Concernant le second argument, relatif au caractère dénigrant de l’avis, la Cour a précisé la notion de dénigrement. Celui-ci se caractérise par la divulgation d’informations susceptibles de jeter le discrédit sur une entreprise, en dehors de tout débat d’intérêt général, sans base factuelle suffisante et dans des termes dépourvus de mesure. Or, dans le cas d’espèce, le commentaire ne portait pas sur la qualité des produits ou des services de NOVAMINDS mais sur le fonctionnement interne de l’entreprise, notamment sa gestion managériale et les conditions de travail. Ces sujets, selon la Cour, sont précisément ceux sur lesquels les plateformes comme Glassdoor sont conçues pour recueillir des témoignages d’employés, qu’ils soient favorables ou critiques. L’avis incriminé ne constituait donc pas un acte de concurrence déloyale, ni une atteinte directe à l’image commerciale de la société. Il exprimait une opinion personnelle, dans un cadre prévu à cet effet, et s’inscrivait dans le champ de la liberté d’expression. Le terme « marché » employé dans l’avis renvoyait d’ailleurs au marché de l’emploi et non au marché économique sur lequel l’entreprise évolue, comme le soutenait NOVAMINDS.
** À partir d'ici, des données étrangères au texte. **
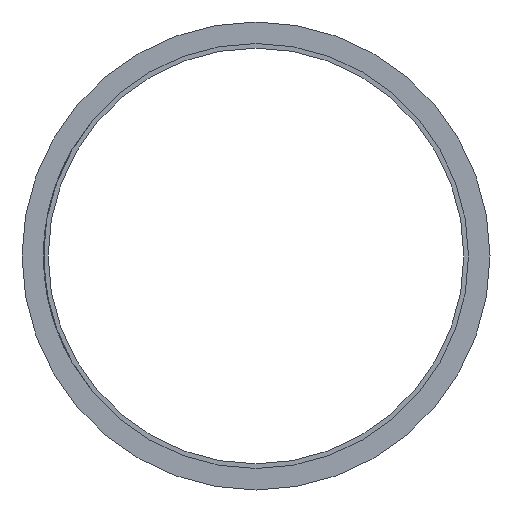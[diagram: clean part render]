
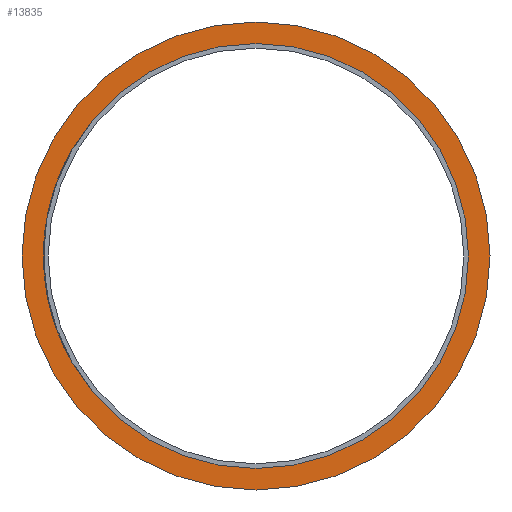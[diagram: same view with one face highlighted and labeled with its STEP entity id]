
A CAD part, left-side view. The second image highlights one B-rep face of the part: STEP entity #13835.
In plain terms, the highlighted planar face has unit normal (-1, 0, 0).
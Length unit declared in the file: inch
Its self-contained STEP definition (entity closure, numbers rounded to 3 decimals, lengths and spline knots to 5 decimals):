
#13793=CARTESIAN_POINT('',(0.125,3.165,0.0));
#13794=VERTEX_POINT('',#13793);
#13795=CARTESIAN_POINT('',(0.125,0.0,0.0));
#13796=DIRECTION('',(1.0,0.0,0.0));
#13797=DIRECTION('',(0.0,1.0,0.0));
#13798=AXIS2_PLACEMENT_3D('',#13795,#13796,#13797);
#13799=CIRCLE('',#13798,3.165);
#13800=EDGE_CURVE('',#13794,#13794,#13799,.T.);
#13816=CARTESIAN_POINT('',(0.125,3.325,0.0));
#13817=DIRECTION('',(-1.0,0.0,0.0));
#13818=DIRECTION('',(0.0,0.0,1.0));
#13819=AXIS2_PLACEMENT_3D('',#13816,#13817,#13818);
#13820=PLANE('',#13819);
#13821=CARTESIAN_POINT('',(0.125,3.485,0.0));
#13822=VERTEX_POINT('',#13821);
#13823=CARTESIAN_POINT('',(0.125,0.0,0.0));
#13824=DIRECTION('',(1.0,0.0,0.0));
#13825=DIRECTION('',(0.0,1.0,0.0));
#13826=AXIS2_PLACEMENT_3D('',#13823,#13824,#13825);
#13827=CIRCLE('',#13826,3.485);
#13828=EDGE_CURVE('',#13822,#13822,#13827,.T.);
#13829=ORIENTED_EDGE('',*,*,#13828,.F.);
#13830=EDGE_LOOP('',(#13829));
#13831=FACE_OUTER_BOUND('',#13830,.T.);
#13832=ORIENTED_EDGE('',*,*,#13800,.T.);
#13833=EDGE_LOOP('',(#13832));
#13834=FACE_BOUND('',#13833,.T.);
#13835=ADVANCED_FACE('',(#13831,#13834),#13820,.T.);

La Cour a également souligné que les inexactitudes alléguées par la société, telles que le nombre de niveaux hiérarchiques ou l’effectif exact à la date de publication, ne suffisaient pas à rendre l’avis illicite. Ces éléments relèvent d’une appréciation subjective ou peuvent évoluer dans le temps, et leur approximation n’ôte pas à l’avis son caractère d’opinion légitime. Par ailleurs, l’entreprise ne pouvait exiger de GLASSDOOR qu’elle révèle l’identité de l’auteur de l’avis, l’anonymat étant consubstantiel à la nature du site et protégé par les principes de protection des données à caractère personnel.
En conclusion, la Cour a considéré que l’avis en cause ne présentait pas de caractère illicite. Il ne méconnaissait ni la clause contractuelle invoquée, ni les limites de la liberté d’expression. Dès lors, aucune mesure de retrait ne pouvait être ordonnée. Le préjudice invoqué par NOVAMINDS, tant économique que réputationnel, n’était pas démontré de manière probante. En conséquence, la Cour a confirmé la décision de première instance en toutes ses dispositions, rejeté l’ensemble des demandes formulées par NOVAMINDS, et l’a condamnée aux dépens d’appel ainsi qu’à verser à la société GLASSDOOR une indemnité de 10 000 euros au titre des frais irrépétibles.
(Cour d’appel de Paris du 7 mai 2025, RG no 23/18809)
Cet arrêt rappelle que le droit à la critique de l’employé, même négative, est protégé lorsque l’expression reste mesurée, factuelle ou relevant d’un vécu sincère. Pour les directions des ressources humaines, il constitue un repère important sur les limites des clauses de réserve et sur les recours envisageables en matière de réputation en ligne. L’entreprise ne peut obtenir la suppression d’un avis défavorable que si elle démontre une atteinte caractérisée, fondée sur des propos manifestement illicites, ce qui n’était pas le cas en l’espèce.